Mas mesmo com todos os defeitos, os vestibulares ainda são mais dignos que o famigerado Enem, pois eles não facilitam a vida daqueles jovens que optaram, por livre arbítrio, não estudar como deveriam. Sem falar que, malgrado toda carga tensional dos vestibulares, eles conferem liberdade para as universidades, descentralizam o processo, respeitando a autonomia universitária de decidir, sem pressão de partidos e sem a pressão do Estado, a sua vida administrativa.
Enfim, se o vestibular não é, ainda, a melhor forma de ingresso, pelo menos, ele se decide por mérito e ponto final.
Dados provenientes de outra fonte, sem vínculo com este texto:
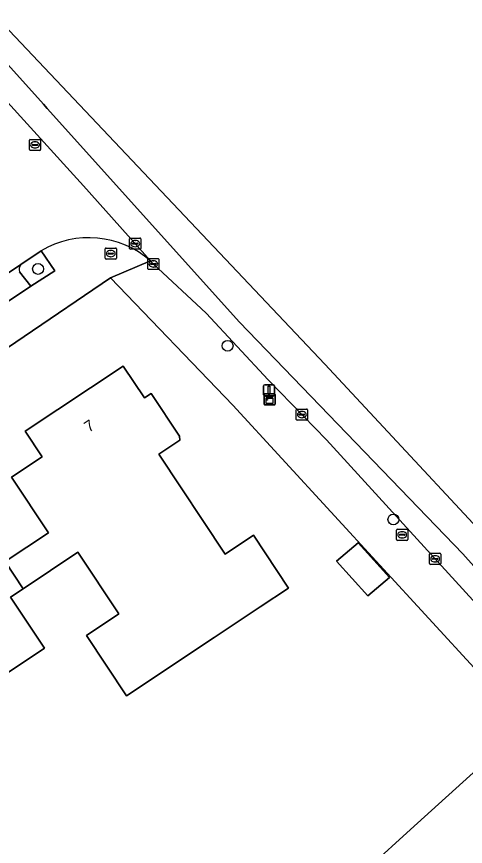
# Model space of a CAD drawing. Extents: x 161347 to 161881, y 382161 to 382804.
# Drawn here: x 161633.8 to 161674.2, y 382587.4 to 382662.1 of the extents above; entities that cross this region are included whole.
import ezdxf

# ---------------------------------------------------------------- set-up
doc = ezdxf.new("R2010")
doc.units = 0
for name, color, linetype in [('IMGEO_Boom', 7, 'Continuous'), ('IMGEO_Brandkraan', 7, 'Continuous'), ('IMGEO_Erf', 7, 'Continuous'), ('IMGEO_Fietspad_gesloten', 7, 'Continuous'), ('IMGEO_Groenvoorziening', 7, 'Continuous'), ('IMGEO_Kast', 7, 'Continuous'), ('IMGEO_Kolk', 7, 'Continuous'), ('IMGEO_Lichtmast', 7, 'Continuous'), ('IMGEO_Muur', 7, 'Continuous'), ('IMGEO_Pand', 7, 'Continuous'), ('IMGEO_Pand_nummerreeks', 7, 'Continuous'), ('IMGEO_Parkeervlak_open', 7, 'Continuous'), ('IMGEO_Rijbaan_lokaal_gesloten', 7, 'Continuous'), ('IMGEO_Rijbaan_lokaal_open', 7, 'Continuous'), ('IMGEO_Rioolput', 7, 'Continuous'), ('IMGEO_Voetpad_open', 7, 'Continuous')]:
    doc.layers.add(name, color=color, linetype=linetype)

msp = doc.modelspace()

# ---------------------------------------------------------------- linework, layer by layer
at = {"layer": 'IMGEO_Boom'}
for centre in [(161635.76, 382639.355), (161652.819, 382632.433), (161667.742, 382616.798)]:
    msp.add_circle(centre, 0.489, dxfattribs=at)
at = {"layer": 'IMGEO_Brandkraan'}
for p, q in [((161641.807, 382640.31), (161641.807, 382641.162)), ((161641.882, 382641.236), (161642.734, 382641.236)), ((161642.066, 382640.73), (161642.066, 382640.742)), ((161642.504, 382640.693), (161642.106, 382640.693)), ((161642.109, 382640.779), (161642.507, 382640.779)), ((161642.295, 382641.016), (161642.32, 382641.016)), ((161642.55, 382640.742), (161642.55, 382640.73)), ((161642.808, 382641.162), (161642.808, 382640.31)), ((161642.734, 382640.236), (161641.882, 382640.236)), ((161642.318, 382640.456), (161642.293, 382640.456))]:
    msp.add_line(p, q, dxfattribs=at)
for points in [[(161641.807, 382640.31), (161641.807, 382641.162)], [(161641.882, 382641.236), (161642.734, 382641.236)], [(161642.808, 382641.162), (161642.808, 382640.31)], [(161642.734, 382640.236), (161641.882, 382640.236)]]:
    msp.add_lwpolyline(points, dxfattribs=at)
for centre, radius, start, end in [((161641.884, 382641.16), 0.0765, 91.55205, 178.44795), ((161641.884, 382641.16), 0.0765, 91.55205, 178.44795), ((161642.106, 382640.739), 0.0403, 85.87752, 175.75265), ((161642.103, 382640.729), 0.0366, 178.93798, 274.71019), ((161642.507, 382640.736), 0.043, 264.86636, 352.45326), ((161642.511, 382640.741), 0.0386, 1.73085, 96.63898), ((161642.732, 382641.16), 0.0765, 1.55205, 88.44795), ((161642.732, 382641.16), 0.0765, 1.55205, 88.44795), ((161641.884, 382640.312), 0.0765, 181.55205, 268.44795), ((161641.884, 382640.312), 0.0765, 181.55205, 268.44795), ((161642.732, 382640.312), 0.0765, 271.55205, 358.44795), ((161642.732, 382640.312), 0.0765, 271.55205, 358.44795)]:
    msp.add_arc(centre, radius, start, end, dxfattribs=at)
for centre, major_axis, ratio, start_param, end_param in [((161642.294, 382640.736), (-0.387, 0.002), 0.722429, 4.712389, 7.853982), ((161642.319, 382640.736), (-0.39, 0.002), 0.717154, 1.570796, 4.712389)]:
    msp.add_ellipse(centre, major_axis=major_axis, ratio=ratio, start_param=start_param, end_param=end_param, dxfattribs=at)
at = {"layer": 'IMGEO_Erf'}
for points in [[(161665.593, 382585.519), (161669.295, 382588.879), (161675.871, 382594.848), (161676.366, 382595.297), (161679.75, 382598.28), (161653.29, 382627.1), (161642.272, 382638.554), (161626.724, 382627.988), (161591.014, 382604.147), (161592.626, 382601.772), (161590.519, 382600.398), (161588.954, 382602.772), (161572.092, 382591.77), (161539.981, 382570.178)], [(161632.808, 382613.004), (161636.704, 382615.596), (161633.373, 382620.601), (161636.145, 382622.446), (161634.617, 382624.742), (161643.428, 382630.605), (161645.338, 382627.735), (161645.942, 382628.137), (161648.492, 382624.305), (161648.516, 382623.924), (161646.628, 382622.668), (161652.605, 382613.685), (161655.144, 382615.375), (161658.302, 382610.63), (161655.763, 382608.94), (161651.601, 382606.171), (161643.724, 382600.93), (161640.118, 382606.349), (161643.044, 382608.296), (161639.351, 382613.846), (161634.428, 382610.57), (161633.287, 382609.811), (161636.354, 382605.203), (161629.995, 382600.972)]]:
    msp.add_lwpolyline(points, dxfattribs=at)
msp.add_lwpolyline([(161662.617, 382613.037), (161664.571, 382614.69), (161667.401, 382611.575), (161665.447, 382609.922)], close=True, dxfattribs=at)
at = {"layer": 'IMGEO_Fietspad_gesloten'}
for points in [[(161706.007, 382577.787), (161673.989, 382613.712), (161653.899, 382634.564), (161636.579, 382653.807), (161636.242, 382654.182), (161624.391, 382667.348), (161616.607, 382676.142), (161601.665, 382692.722), (161589.767, 382705.692), (161577.619, 382719.049), (161575.378, 382721.548)], [(161631.782, 382655.692), (161639.863, 382646.847), (161645.871, 382640.073), (161646.136, 382639.799), (161650.877, 382635.381), (161656.463, 382629.372), (161661.71, 382623.972), (161676.15, 382608.16), (161698.844, 382583.161)]]:
    msp.add_lwpolyline(points, dxfattribs=at)
at = {"layer": 'IMGEO_Groenvoorziening'}
for points in [[(161634.107, 382639.095), (161635.101, 382637.794), (161637.263, 382639.172), (161636.042, 382640.978)], [(161636.042, 382640.978), (161634.21, 382639.745)]]:
    msp.add_lwpolyline(points, dxfattribs=at)
msp.add_arc((161634.687, 382639.336), 0.629, 139.42685, 202.56453, dxfattribs=at)
at = {"layer": 'IMGEO_Kast'}
for p, q in [((161656.109, 382627.188), (161656.109, 382628.029)), ((161656.109, 382628.029), (161656.109, 382627.188)), ((161656.184, 382628.113), (161657.025, 382628.113)), ((161657.025, 382628.113), (161656.184, 382628.113)), ((161657.109, 382628.038), (161657.109, 382627.197)), ((161657.109, 382627.197), (161657.109, 382628.038)), ((161657.034, 382627.113), (161656.193, 382627.113)), ((161656.193, 382627.113), (161657.034, 382627.113))]:
    msp.add_line(p, q, dxfattribs=at)
for points in [[(161656.304, 382627.903), (161656.904, 382627.903), (161656.904, 382627.818), (161656.304, 382627.818), (161656.304, 382627.903)], [(161656.304, 382627.728), (161656.904, 382627.728), (161656.904, 382627.239), (161656.304, 382627.239), (161656.304, 382627.728)]]:
    msp.add_lwpolyline(points, dxfattribs=at)
msp.add_circle((161656.388, 382627.577), 0.0377, dxfattribs=at)
for centre, start, end in [((161656.187, 382628.035), 92.4484, 184.28452), ((161656.187, 382628.035), 92.4484, 184.28452), ((161657.031, 382628.035), 2.4484, 94.28452), ((161657.031, 382628.035), 2.4484, 94.28452), ((161656.187, 382627.191), 182.4484, 274.28452), ((161656.187, 382627.191), 182.4484, 274.28452), ((161657.031, 382627.191), 272.4484, 4.28452), ((161657.031, 382627.191), 272.4484, 4.28452)]:
    msp.add_arc(centre, 0.0779, start, end, dxfattribs=at)
at = {"layer": 'IMGEO_Kolk'}
for p, q in [((161645.635, 382639.373), (161645.635, 382640.225)), ((161645.71, 382640.299), (161646.562, 382640.299)), ((161645.937, 382639.842), (161646.335, 382639.842)), ((161646.123, 382640.079), (161646.148, 382640.079)), ((161646.636, 382640.225), (161646.636, 382639.373)), ((161646.562, 382639.299), (161645.71, 382639.299)), ((161645.894, 382639.793), (161645.894, 382639.805)), ((161646.332, 382639.756), (161645.934, 382639.756)), ((161646.146, 382639.519), (161646.121, 382639.519)), ((161646.378, 382639.805), (161646.378, 382639.793)), ((161659.006, 382625.812), (161659.006, 382626.664)), ((161659.081, 382626.738), (161659.933, 382626.738)), ((161659.494, 382626.518), (161659.519, 382626.518)), ((161660.007, 382626.664), (161660.007, 382625.812)), ((161659.933, 382625.738), (161659.081, 382625.738)), ((161659.265, 382626.232), (161659.265, 382626.244)), ((161659.703, 382626.195), (161659.305, 382626.195)), ((161659.308, 382626.281), (161659.706, 382626.281)), ((161659.517, 382625.958), (161659.492, 382625.958)), ((161659.749, 382626.244), (161659.749, 382626.232)), ((161671, 382612.829), (161671, 382613.681)), ((161671.075, 382613.755), (161671.927, 382613.755)), ((161672.001, 382613.681), (161672.001, 382612.829)), ((161671.259, 382613.249), (161671.259, 382613.261)), ((161671.697, 382613.212), (161671.299, 382613.212)), ((161671.302, 382613.298), (161671.7, 382613.298)), ((161671.511, 382612.975), (161671.486, 382612.975)), ((161671.488, 382613.535), (161671.513, 382613.535)), ((161671.743, 382613.261), (161671.743, 382613.249)), ((161671.927, 382612.755), (161671.075, 382612.755))]:
    msp.add_line(p, q, dxfattribs=at)
for points in [[(161645.635, 382639.373), (161645.635, 382640.225)], [(161645.71, 382640.299), (161646.562, 382640.299)], [(161646.636, 382640.225), (161646.636, 382639.373)], [(161646.562, 382639.299), (161645.71, 382639.299)], [(161659.006, 382625.812), (161659.006, 382626.664)], [(161659.081, 382626.738), (161659.933, 382626.738)], [(161660.007, 382626.664), (161660.007, 382625.812)], [(161659.933, 382625.738), (161659.081, 382625.738)], [(161671, 382612.829), (161671, 382613.681)], [(161671.075, 382613.755), (161671.927, 382613.755)], [(161672.001, 382613.681), (161672.001, 382612.829)], [(161671.927, 382612.755), (161671.075, 382612.755)]]:
    msp.add_lwpolyline(points, dxfattribs=at)
for centre, radius, start, end in [((161645.712, 382640.223), 0.0765, 91.55205, 178.44795), ((161645.712, 382640.223), 0.0765, 91.55205, 178.44795), ((161645.934, 382639.802), 0.0403, 85.87752, 175.75265), ((161646.339, 382639.804), 0.0386, 1.73085, 96.63898), ((161646.56, 382640.223), 0.0765, 1.55205, 88.44795), ((161646.56, 382640.223), 0.0765, 1.55205, 88.44795), ((161645.712, 382639.375), 0.0765, 181.55205, 268.44795), ((161645.712, 382639.375), 0.0765, 181.55205, 268.44795), ((161645.931, 382639.792), 0.0366, 178.93798, 274.71019), ((161646.335, 382639.799), 0.043, 264.86636, 352.45326), ((161646.56, 382639.375), 0.0765, 271.55205, 358.44795), ((161646.56, 382639.375), 0.0765, 271.55205, 358.44795), ((161659.083, 382626.662), 0.0765, 91.55205, 178.44795), ((161659.083, 382626.662), 0.0765, 91.55205, 178.44795), ((161659.931, 382626.662), 0.0765, 1.55205, 88.44795), ((161659.931, 382626.662), 0.0765, 1.55205, 88.44795), ((161659.083, 382625.814), 0.0765, 181.55205, 268.44795), ((161659.083, 382625.814), 0.0765, 181.55205, 268.44795), ((161659.305, 382626.241), 0.0403, 85.87752, 175.75265), ((161659.302, 382626.231), 0.0366, 178.93798, 274.71019), ((161659.706, 382626.238), 0.043, 264.86636, 352.45326), ((161659.71, 382626.243), 0.0386, 1.73085, 96.63898), ((161659.931, 382625.814), 0.0765, 271.55205, 358.44795), ((161659.931, 382625.814), 0.0765, 271.55205, 358.44795), ((161671.077, 382613.679), 0.0765, 91.55205, 178.44795), ((161671.077, 382613.679), 0.0765, 91.55205, 178.44795), ((161671.925, 382613.679), 0.0765, 1.55205, 88.44795), ((161671.925, 382613.679), 0.0765, 1.55205, 88.44795), ((161671.299, 382613.258), 0.0403, 85.87752, 175.75265), ((161671.296, 382613.248), 0.0366, 178.93798, 274.71019), ((161671.7, 382613.255), 0.043, 264.86636, 352.45326), ((161671.704, 382613.26), 0.0386, 1.73085, 96.63898), ((161671.077, 382612.831), 0.0765, 181.55205, 268.44795), ((161671.077, 382612.831), 0.0765, 181.55205, 268.44795), ((161671.925, 382612.831), 0.0765, 271.55205, 358.44795), ((161671.925, 382612.831), 0.0765, 271.55205, 358.44795)]:
    msp.add_arc(centre, radius, start, end, dxfattribs=at)
for centre, major_axis, ratio, start_param, end_param in [((161646.122, 382639.799), (-0.387, 0.002), 0.722429, 4.712389, 7.853982), ((161646.147, 382639.799), (-0.39, 0.002), 0.717154, 1.570796, 4.712389), ((161659.493, 382626.238), (-0.387, 0.002), 0.722429, 4.712389, 7.853982), ((161659.518, 382626.238), (-0.39, 0.002), 0.717154, 1.570796, 4.712389), ((161671.487, 382613.255), (-0.387, 0.002), 0.722429, 4.712389, 7.853982), ((161671.512, 382613.255), (-0.39, 0.002), 0.717154, 1.570796, 4.712389)]:
    msp.add_ellipse(centre, major_axis=major_axis, ratio=ratio, start_param=start_param, end_param=end_param, dxfattribs=at)
at = {"layer": 'IMGEO_Lichtmast'}
for p, q in [((161656.065, 382628.034), (161656.065, 382628.834)), ((161656.065, 382628.834), (161656.065, 382628.034)), ((161656.165, 382628.934), (161656.955, 382628.934)), ((161656.955, 382628.934), (161656.165, 382628.934)), ((161657.055, 382628.834), (161657.055, 382628.034)), ((161657.055, 382628.034), (161657.055, 382628.834)), ((161656.955, 382627.934), (161656.165, 382627.934)), ((161656.165, 382627.934), (161656.955, 382627.934))]:
    msp.add_line(p, q, dxfattribs=at)
msp.add_lwpolyline([(161656.485, 382628.809), (161656.635, 382628.809), (161656.635, 382628.059), (161656.485, 382628.059), (161656.485, 382628.809)], dxfattribs=at)
for centre, start, end in [((161656.165, 382628.834), 90, 180), ((161656.165, 382628.834), 90, 180), ((161656.955, 382628.834), 0, 90), ((161656.955, 382628.834), 360, 90), ((161656.165, 382628.034), 180, 270), ((161656.165, 382628.034), 180, 270), ((161656.955, 382628.034), 270, 0), ((161656.955, 382628.034), 270, 0)]:
    msp.add_arc(centre, 0.1, start, end, dxfattribs=at)
at = {"layer": 'IMGEO_Muur'}
msp.add_lwpolyline([(161653.29, 382627.1), (161679.75, 382598.28)], dxfattribs=at)
at = {"layer": 'IMGEO_Pand'}
for points in [[(161632.808, 382613.004), (161634.428, 382610.57), (161639.351, 382613.846), (161643.044, 382608.296), (161640.118, 382606.349), (161643.724, 382600.93), (161651.601, 382606.171), (161655.763, 382608.94), (161658.302, 382610.63), (161655.144, 382615.375), (161652.605, 382613.685), (161646.628, 382622.668), (161648.516, 382623.924), (161648.492, 382624.305), (161645.942, 382628.137), (161645.338, 382627.735), (161643.428, 382630.605), (161634.617, 382624.742), (161636.145, 382622.446), (161633.373, 382620.601), (161636.704, 382615.596)], [(161662.617, 382613.037), (161665.447, 382609.922), (161667.401, 382611.575), (161664.571, 382614.69)], [(161684.928, 382563.407), (161686.88, 382565.188), (161687.408, 382564.618), (161687.965, 382565.168), (161687.847, 382565.287), (161689.608, 382566.87), (161690.27, 382566.139), (161690.926, 382565.414), (161691.385, 382564.907), (161695.922, 382569.028), (161695.455, 382569.543), (161694.808, 382570.257), (161694.144, 382570.989), (161695.962, 382572.626), (161678.502, 382591.938), (161675.871, 382594.848), (161669.295, 382588.879), (161665.593, 382585.519), (161661.6, 382581.894), (161664.71, 382578.468), (161674.636, 382567.532), (161678.388, 382570.921)]]:
    msp.add_lwpolyline(points, close=True, dxfattribs=at)
msp.add_lwpolyline([(161629.995, 382600.972), (161636.354, 382605.203), (161633.287, 382609.811), (161634.428, 382610.57), (161632.808, 382613.004)], dxfattribs=at)
at = {"layer": 'IMGEO_Parkeervlak_open'}
for points in [[(161634.21, 382639.745), (161623.482, 382632.585)], [(161635.101, 382637.794), (161634.107, 382639.095)], [(161624.045, 382632.438), (161624.388, 382631.946), (161625.023, 382631.053), (161635.101, 382637.794)]]:
    msp.add_lwpolyline(points, dxfattribs=at)
msp.add_arc((161634.687, 382639.336), 0.629, 139.42685, 202.56453, dxfattribs=at)
at = {"layer": 'IMGEO_Rijbaan_lokaal_gesloten'}
for points in [[(161780.196, 382571.153), (161779.525, 382578.285), (161728.827, 382571.874), (161701.238, 382588.176), (161661.586, 382630.771), (161622.627, 382671.947), (161592.087, 382705.487), (161563.602, 382736.77)], [(161575.378, 382721.548), (161577.619, 382719.049), (161589.767, 382705.692), (161601.665, 382692.722), (161616.607, 382676.142), (161624.391, 382667.348), (161636.242, 382654.182), (161636.579, 382653.807), (161653.899, 382634.564), (161673.989, 382613.712), (161706.007, 382577.787), (161705.643, 382575.646), (161721.925, 382567.837)]]:
    msp.add_lwpolyline(points, dxfattribs=at)
at = {"layer": 'IMGEO_Rijbaan_lokaal_open'}
for points in [[(161645.871, 382640.073), (161639.863, 382646.847), (161631.782, 382655.692)], [(161604.234, 382619.763), (161606.677, 382621.365), (161617.031, 382628.308), (161619.464, 382629.933), (161623.482, 382632.585), (161634.21, 382639.745), (161636.042, 382640.978)]]:
    msp.add_lwpolyline(points, dxfattribs=at)
msp.add_arc((161640.338, 382633.811), 8.356, 48.53607, 120.94263, dxfattribs=at)
at = {"layer": 'IMGEO_Rioolput'}
for p, q in [((161634.988, 382650.094), (161634.988, 382650.946)), ((161635.063, 382651.02), (161635.915, 382651.02)), ((161635.247, 382650.514), (161635.247, 382650.526)), ((161635.685, 382650.477), (161635.287, 382650.477)), ((161635.29, 382650.563), (161635.688, 382650.563)), ((161635.476, 382650.8), (161635.501, 382650.8)), ((161635.731, 382650.526), (161635.731, 382650.514)), ((161635.989, 382650.946), (161635.989, 382650.094)), ((161635.915, 382650.02), (161635.063, 382650.02)), ((161635.499, 382650.24), (161635.474, 382650.24)), ((161644.08, 382642.134), (161644.932, 382642.134)), ((161644.005, 382641.208), (161644.005, 382642.06)), ((161644.264, 382641.628), (161644.264, 382641.64)), ((161644.702, 382641.591), (161644.304, 382641.591)), ((161644.307, 382641.677), (161644.705, 382641.677)), ((161644.516, 382641.354), (161644.491, 382641.354)), ((161644.493, 382641.914), (161644.518, 382641.914)), ((161644.748, 382641.64), (161644.748, 382641.628)), ((161645.006, 382642.06), (161645.006, 382641.208)), ((161644.932, 382641.134), (161644.08, 382641.134)), ((161668.103, 382615.92), (161668.955, 382615.92)), ((161668.028, 382614.994), (161668.028, 382615.846)), ((161668.287, 382615.414), (161668.287, 382615.426)), ((161668.725, 382615.377), (161668.327, 382615.377)), ((161668.33, 382615.463), (161668.728, 382615.463)), ((161668.516, 382615.7), (161668.541, 382615.7)), ((161668.771, 382615.426), (161668.771, 382615.414)), ((161669.029, 382615.846), (161669.029, 382614.994)), ((161668.955, 382614.92), (161668.103, 382614.92)), ((161668.539, 382615.14), (161668.514, 382615.14))]:
    msp.add_line(p, q, dxfattribs=at)
for points in [[(161634.988, 382650.094), (161634.988, 382650.946)], [(161635.063, 382651.02), (161635.915, 382651.02)], [(161635.989, 382650.946), (161635.989, 382650.094)], [(161635.915, 382650.02), (161635.063, 382650.02)], [(161644.08, 382642.134), (161644.932, 382642.134)], [(161644.005, 382641.208), (161644.005, 382642.06)], [(161645.006, 382642.06), (161645.006, 382641.208)], [(161644.932, 382641.134), (161644.08, 382641.134)], [(161668.103, 382615.92), (161668.955, 382615.92)], [(161668.028, 382614.994), (161668.028, 382615.846)], [(161669.029, 382615.846), (161669.029, 382614.994)], [(161668.955, 382614.92), (161668.103, 382614.92)]]:
    msp.add_lwpolyline(points, dxfattribs=at)
for centre, radius, start, end in [((161635.065, 382650.944), 0.0765, 91.55205, 178.44795), ((161635.065, 382650.944), 0.0765, 91.55205, 178.44795), ((161635.287, 382650.523), 0.0403, 85.87752, 175.75265), ((161635.284, 382650.513), 0.0366, 178.93798, 274.71019), ((161635.688, 382650.52), 0.043, 264.86636, 352.45326), ((161635.692, 382650.525), 0.0386, 1.73085, 96.63898), ((161635.913, 382650.944), 0.0765, 1.55205, 88.44795), ((161635.913, 382650.944), 0.0765, 1.55205, 88.44795), ((161635.065, 382650.096), 0.0765, 181.55205, 268.44795), ((161635.065, 382650.096), 0.0765, 181.55205, 268.44795), ((161635.913, 382650.096), 0.0765, 271.55205, 358.44795), ((161635.913, 382650.096), 0.0765, 271.55205, 358.44795), ((161644.082, 382642.058), 0.0765, 91.55205, 178.44795), ((161644.082, 382642.058), 0.0765, 91.55205, 178.44795), ((161644.93, 382642.058), 0.0765, 1.55205, 88.44795), ((161644.93, 382642.058), 0.0765, 1.55205, 88.44795), ((161644.304, 382641.637), 0.0403, 85.87752, 175.75265), ((161644.301, 382641.627), 0.0366, 178.93798, 274.71019), ((161644.705, 382641.634), 0.043, 264.86636, 352.45326), ((161644.709, 382641.639), 0.0386, 1.73085, 96.63898), ((161644.082, 382641.21), 0.0765, 181.55205, 268.44795), ((161644.082, 382641.21), 0.0765, 181.55205, 268.44795), ((161644.93, 382641.21), 0.0765, 271.55205, 358.44795), ((161644.93, 382641.21), 0.0765, 271.55205, 358.44795), ((161668.105, 382615.844), 0.0765, 91.55205, 178.44795), ((161668.105, 382615.844), 0.0765, 91.55205, 178.44795), ((161668.953, 382615.844), 0.0765, 1.55205, 88.44795), ((161668.953, 382615.844), 0.0765, 1.55205, 88.44795), ((161668.327, 382615.423), 0.0403, 85.87752, 175.75265), ((161668.324, 382615.413), 0.0366, 178.93798, 274.71019), ((161668.728, 382615.42), 0.043, 264.86636, 352.45326), ((161668.732, 382615.425), 0.0386, 1.73085, 96.63898), ((161668.105, 382614.996), 0.0765, 181.55205, 268.44795), ((161668.105, 382614.996), 0.0765, 181.55205, 268.44795), ((161668.953, 382614.996), 0.0765, 271.55205, 358.44795), ((161668.953, 382614.996), 0.0765, 271.55205, 358.44795)]:
    msp.add_arc(centre, radius, start, end, dxfattribs=at)
for centre, major_axis, ratio, start_param, end_param in [((161635.475, 382650.52), (-0.387, 0.002), 0.722429, 4.712389, 7.853982), ((161635.5, 382650.52), (-0.39, 0.002), 0.717154, 1.570796, 4.712389), ((161644.492, 382641.634), (-0.387, 0.002), 0.722429, 4.712389, 7.853982), ((161644.517, 382641.634), (-0.39, 0.002), 0.717154, 1.570796, 4.712389), ((161668.515, 382615.42), (-0.387, 0.002), 0.722429, 4.712389, 7.853982), ((161668.54, 382615.42), (-0.39, 0.002), 0.717154, 1.570796, 4.712389)]:
    msp.add_ellipse(centre, major_axis=major_axis, ratio=ratio, start_param=start_param, end_param=end_param, dxfattribs=at)
at = {"layer": 'IMGEO_Voetpad_open'}
for points in [[(161636.042, 382640.978), (161637.263, 382639.172), (161635.101, 382637.794), (161625.023, 382631.053), (161624.388, 382631.946), (161620.048, 382629.035), (161620.647, 382628.172), (161617.655, 382626.128), (161608.366, 382619.905), (161604.861, 382617.547), (161590.935, 382608.278), (161587.772, 382606.172), (161587.144, 382607.09), (161574.859, 382598.875), (161575.536, 382597.897), (161570.33, 382594.467), (161567.696, 382592.692), (161553.267, 382582.995), (161550.455, 382581.099), (161540.9, 382574.692), (161538.305, 382572.954), (161537.081, 382574.722), (161535.802, 382573.856), (161531.835, 382571.172)], [(161539.981, 382570.178), (161572.092, 382591.77), (161588.954, 382602.772), (161591.014, 382604.147), (161626.724, 382627.988), (161642.272, 382638.554), (161645.871, 382640.073)], [(161661.71, 382623.972), (161656.463, 382629.372), (161650.877, 382635.381), (161646.136, 382639.799), (161645.871, 382640.073), (161642.272, 382638.554), (161653.29, 382627.1), (161679.75, 382598.28), (161682.518, 382595.225), (161696.997, 382579.273), (161702.259, 382573.539), (161707.903, 382567.394)], [(161705.643, 382575.646), (161704.285, 382577.171), (161698.844, 382583.161), (161676.15, 382608.16), (161661.71, 382623.972)]]:
    msp.add_lwpolyline(points, dxfattribs=at)
msp.add_arc((161640.338, 382633.811), 8.356, 48.53607, 120.94263, dxfattribs=at)

# ---------------------------------------------------------------- texts
at = {"layer": 'IMGEO_Pand_nummerreeks'}
msp.add_text('7', height=1, rotation=33.64052, dxfattribs=at).set_placement((161640.337, 382624.608))

doc.saveas('drawing.dxf')

Pois no final das contas, criar mecanismos para ocultar o descaso com a escola pública nos últimos trinta anos é um desserviço à sociedade. Não sou radical a ponto de afirmar que o Enem não presta para nada, mas posso afirmar, sem medo de errar, que ele é apenas uma descarada maneira do governo se livrar de sua responsabilidade de investir em educação, propiciando escola gratuita de qualidade para todos e, consequentemente, igualdade de oportunidades, sem paternalismos ou facilitações de qualquer espécie. O lamentável disso tudo é que as partes envolvidas, com interesses bem particulares, abandonam a discussão da coisa pública. A educação precisa ser pensada longe das urnas e perto da ética. Educação é prioridade e garante a liberdade para que a população não dê ouvidos àqueles que desrespeitam a coisa pública, mesmo travestidos de salvadores da pátria.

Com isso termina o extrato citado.